If a breach happened, determine how it happened: it’s important to know whether there was any failure on the part of the organization, either due to a lack of control in its systems, processes, policies or technology.
“Establish exactly who was affected, and how – what data has been exposed, and what could the impact of this be? What do you need to tell those audiences, and which channels will you use? If personally identifiable information (PII) was involved, you’ll be subject to the reporting requirements set out in the GDPR framework. The biggest challenge will be the need to notify the regulators and those affected quickly, but also be accurate in the information you convey,” Averley points out.
She also warns against keeping mum and hoping that the media won’t be interested in what happened.
“You don’t want to be caught on the back foot if the media does run with the story; this will only make the situation worse. Being vague or silent will make you look shifty and dishonest, which will damage customer trust and the reputation of your brand – maybe irreversibly,” she says.
“Also, be ready to accept responsibility for any part your organization has played in what happened. If you need to apologize, do so. Explain what you’re doing about the cause of the crisis, then again, explain how you’ve remedied the situation and the measures put in place to prevent it happening again. Show evidence of this. Provide a ‘call to action’, e.g., a support page on your website and a help line.”
When dealing with media enquiries:
- Brief your expert spokespeople fully and provide them with as much information as possible, not only about the crisis, but about the media that are interested in speaking to them and the kinds of questions they are likely to ask.
- Don’t be tempted to answer questions or agree to an interview before you know the facts.
- Don’t say ‘no comment’ or try to hide away. That will only send the wrong message.
“Journalists ask tough questions because it’s their job to hold you to account on behalf of their readers and viewers. If you don’t prepare by training and practicing in how to answer challenging questions you won’t feel confident when it comes to the crunch, and this will come across – making you look cagey and ineffectual,” she adds.
After the crisis
The event that has precipitated the crisis is getting distant in your rearview mirror, but you still need to communicate with all of your audiences, to reassure them and to demonstrate that the remedies and prevention measures you’ve put in place are working.
“Show that you’ve learned from the experience, and if you’ve made changes – for example in your cybersecurity process – describe exactly what these are. Lastly, as well as considering what went wrong, consider what went well and tell the media, your customers and other stakeholders about this too.
Post-crisis, you should keep in touch both with the media and your different audiences to rebuild the relationship and trust. If you’ve handled the crisis well, there should be latent trust and credibility that you can build on.
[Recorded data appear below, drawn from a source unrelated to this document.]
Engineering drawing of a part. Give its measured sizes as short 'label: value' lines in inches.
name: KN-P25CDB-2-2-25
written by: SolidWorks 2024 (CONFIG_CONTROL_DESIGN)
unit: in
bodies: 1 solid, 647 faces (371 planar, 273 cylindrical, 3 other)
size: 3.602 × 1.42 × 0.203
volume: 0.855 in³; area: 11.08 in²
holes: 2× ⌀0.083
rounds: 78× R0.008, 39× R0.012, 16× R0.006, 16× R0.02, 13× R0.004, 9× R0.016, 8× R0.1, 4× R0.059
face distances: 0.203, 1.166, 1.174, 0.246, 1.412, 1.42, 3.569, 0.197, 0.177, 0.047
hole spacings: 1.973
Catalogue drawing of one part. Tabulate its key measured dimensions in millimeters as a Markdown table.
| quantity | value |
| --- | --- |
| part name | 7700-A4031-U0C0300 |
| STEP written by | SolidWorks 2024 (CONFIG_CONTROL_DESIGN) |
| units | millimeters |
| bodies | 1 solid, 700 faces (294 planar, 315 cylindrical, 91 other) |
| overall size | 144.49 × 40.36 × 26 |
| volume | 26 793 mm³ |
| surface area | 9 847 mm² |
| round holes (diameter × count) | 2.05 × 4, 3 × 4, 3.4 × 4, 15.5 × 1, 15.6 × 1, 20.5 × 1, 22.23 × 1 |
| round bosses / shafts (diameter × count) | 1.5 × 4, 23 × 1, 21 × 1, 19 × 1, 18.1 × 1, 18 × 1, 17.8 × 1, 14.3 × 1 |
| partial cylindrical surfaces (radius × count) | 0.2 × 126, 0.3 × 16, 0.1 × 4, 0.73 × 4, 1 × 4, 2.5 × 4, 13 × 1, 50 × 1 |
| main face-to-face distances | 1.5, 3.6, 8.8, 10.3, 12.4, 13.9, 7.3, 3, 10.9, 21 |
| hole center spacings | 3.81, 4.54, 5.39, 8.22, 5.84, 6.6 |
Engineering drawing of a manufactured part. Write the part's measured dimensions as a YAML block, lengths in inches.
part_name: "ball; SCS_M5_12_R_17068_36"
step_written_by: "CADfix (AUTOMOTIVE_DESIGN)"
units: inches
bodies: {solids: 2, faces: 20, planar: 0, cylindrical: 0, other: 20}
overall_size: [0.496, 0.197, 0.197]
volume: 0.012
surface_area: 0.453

“Don’t go overboard trying to impress them or ‘woo them back’, but continue to communicate regularly, as you did before the breach, about your news and developments,” she advises, and points to Norsk Hydro as great example of how to respond to a (cybersecurity) crisis.
“Norsk Hydro handled its recent crisis in a competent and transparent way, which suggests it had a solid response plan in place prior to the event. In particular, it made sure communication continued well after the event, and demonstrated how its employees rallied and worked together to respond to the attack, which indicates that the organization communicated well internally as well as externally.”